По мере того, как большевики, выжидая полного разложения. Думы, где Родичев, Керенский, Гучков тесно объединились в общем чувстве тревоги и объявили, что демократия и буржуазия только при совместных усилиях в состоянии спасти государство и «революцию», делали свое дело, решив во что бы то ни стало потушить пожар мировой империалистской войны гражданской войною. Казалось в высшей степени немудрой такая тактика; но время показало, что Ленин, первый провозгласивший лозунг гражданской войны против империалистской, был прав, и не оказалось ужаса в том, что революция, руководимая «любимым дофином пробудившейся России», должна будет погибнуть не в борьбе с врагом, а с собственным разложением. «Помилуйте! — восклицал один тогдашний популярный публицист (не назову его, он, в сущности, почтенный человек и теперь посильно служит республике), — это было бы тем кощунством против духа святого, которое одно не прощается даже всепрощающим учением Христа».
Так или иначе, после полугодичного юбилея февральской революции старая — буржуазная Россия стояла уже у грани: быть или не быть. Возлагались большие надежды на демократическое совещание, которое собралось для конструкции правительства. Хотя кадеты потеряли доверие, но демократическое совещание, через свою комиссию, завело переговоры с Кишкиным, Коноваловым и Набоковым, не признававшими демократии. Парламенту должен был предшествовать пред-парламент. Шли споры об «ответственности» и «неответственности». Положение осложнялось еще вновь возникшими забастовками. Забастовщиков буржуазная пресса громила, как преступников и государственных изменников. Государственными преступниками: и изменниками считались также большевики и анархисты. Один либеральный фельетонист называл их даже грабителями и ворами. На самом деле, железнодорожная забастовка, напр., явилась в результате шестимесячного бесплодного ожидания улучшения положения тружеников железнодорожного транспорта. «День» и «Речь», то и дело, кричали по поводу каждого выступления пролетариата: «позор и срам!». «Русская Воля» кричала о необходимости утверждения «личного начала». Твердая государственная воля, по мнению газеты, должна будет воплотиться в Керенском. А Керенский, — все же он был неглупый человек, — все больше и больше проникался сомнением в своих силах, хотя бывший царь, уезжая в Тобольскую ссылку, и благословил его на правление, сказав, что на одном Керенском покоятся все надежды на спасение России.
Двадцать пятого октября вечером я и Клавдия Ивановна стояли у окна и через вершины деревьев смотрели, как на темной черте неба вздрогнули молнии, и вслед за тем загремели орудийные выстрелы.

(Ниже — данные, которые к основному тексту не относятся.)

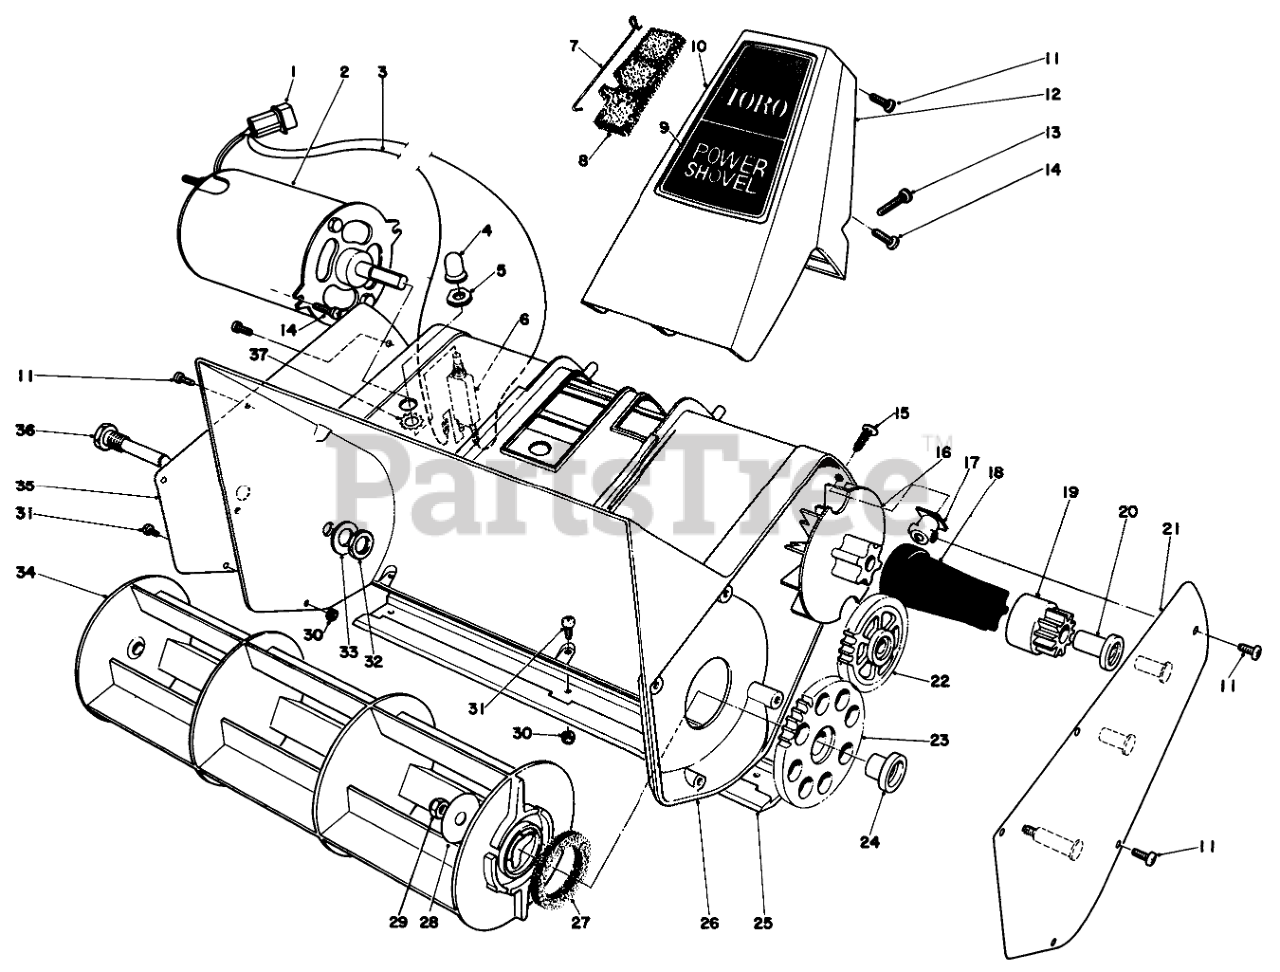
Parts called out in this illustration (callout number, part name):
1	Pin Housing
2	Motor
3	WIRE ASS'Y
4	Circuit Breaker Seal
5	Hex Nut
6	Circuit Breaker (Incl. Ref. #5)
7	RETAINER - FILTER
8	FOAM FILTER
9	HANDLE SUPT DECAL
10	HANDLE SUPPORT, FRONT
11	SCREW-PPH
12	Handle Support-Back
13	SCREW-PPH
14	SCREW-PPH
15	XMAS TREE FASTENER
16	FAN, POWER SHOVEL
17	MTG BLOCK
18	DRIVE COUPLING
19	Drive Gear (Incl. Ref. #20)
20	BUSHING, DRIVE GEAR
21	Gear Carrier
22	Idler Gear
23	Rotor Gear (Incl. Ref. #24)
24	BUSHING, ROTOR GEAR
25	Scraper
26	Housing
27	FELT WASHER
28	ROTOR WASHER
29	NUT-LOCK, NI
30	NUT-LOCK
31	SCREW-PPH
32	3/8 24 JAM NUT
33	WASHER-FLAT
34	ROTOR
35	RT. SIDE COVER (RAW)
36	ROTOR PIN
37	WASHER-LOCK/EXT

Пролетарская революция атаковала, наконец, Зимний Дворец, где заседало временное правительство, где обитала «бабушка русской революции» — Брешко-Брешковская[594] и откуда только-что бежал к своим верным войскам Керенский, чтобы, в свою очередь, бежать и от них, переодеваясь бабой, как утверждает это в своих воспоминаниях очевидец бегства тов. Дыбенко.
Глава шестьдесят шестая
1917
Приглашение в Кронштадт. Свидание с Луначарским. В Кронштадте. Поездка в Выборг. Интеллигенция и октябрьский переворот.

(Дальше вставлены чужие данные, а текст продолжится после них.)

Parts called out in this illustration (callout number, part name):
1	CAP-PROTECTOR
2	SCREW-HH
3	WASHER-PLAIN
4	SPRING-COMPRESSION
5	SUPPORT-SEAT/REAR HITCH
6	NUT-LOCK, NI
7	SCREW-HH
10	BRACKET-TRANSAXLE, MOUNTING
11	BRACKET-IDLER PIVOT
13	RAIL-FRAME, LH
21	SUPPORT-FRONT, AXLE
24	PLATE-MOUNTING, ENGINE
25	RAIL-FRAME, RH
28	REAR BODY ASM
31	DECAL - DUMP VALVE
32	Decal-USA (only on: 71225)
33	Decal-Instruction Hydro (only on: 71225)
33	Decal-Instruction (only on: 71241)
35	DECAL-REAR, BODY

Выбитый из седла февральскою революциею, я был посажен в седло великим Октябрьским переворотом. Депутация от Кронштадтских матросов обратилась ко мне с просьбой приехать в крепость и прочитать лекцию о большевизме в литературном его освещении. По-видимому, от меня Кронштадт потребовал художественного изображения большевика. Матрос Писахов[595], когда-то бывавший у меня на Черной Речке, заявил мне, что в Кронштадтском Совете им уже были прочитаны какие-то мои статьи и фельетоны, отображающие более или менее нашу современность. Я пообещал, что приеду.
В городе повсеместно уже водворился порядок.
Вдруг, вошла Клавдия Ивановна и объявила, что приехал автомобиль из Зимнего Дворца. Вслед за нею вбежал Игнатов, тот молодой товарищ, с которым в двенадцатом году мы производили неудачно закончившийся опыт организации на частные средства пролеткульта на Серпуховской улице.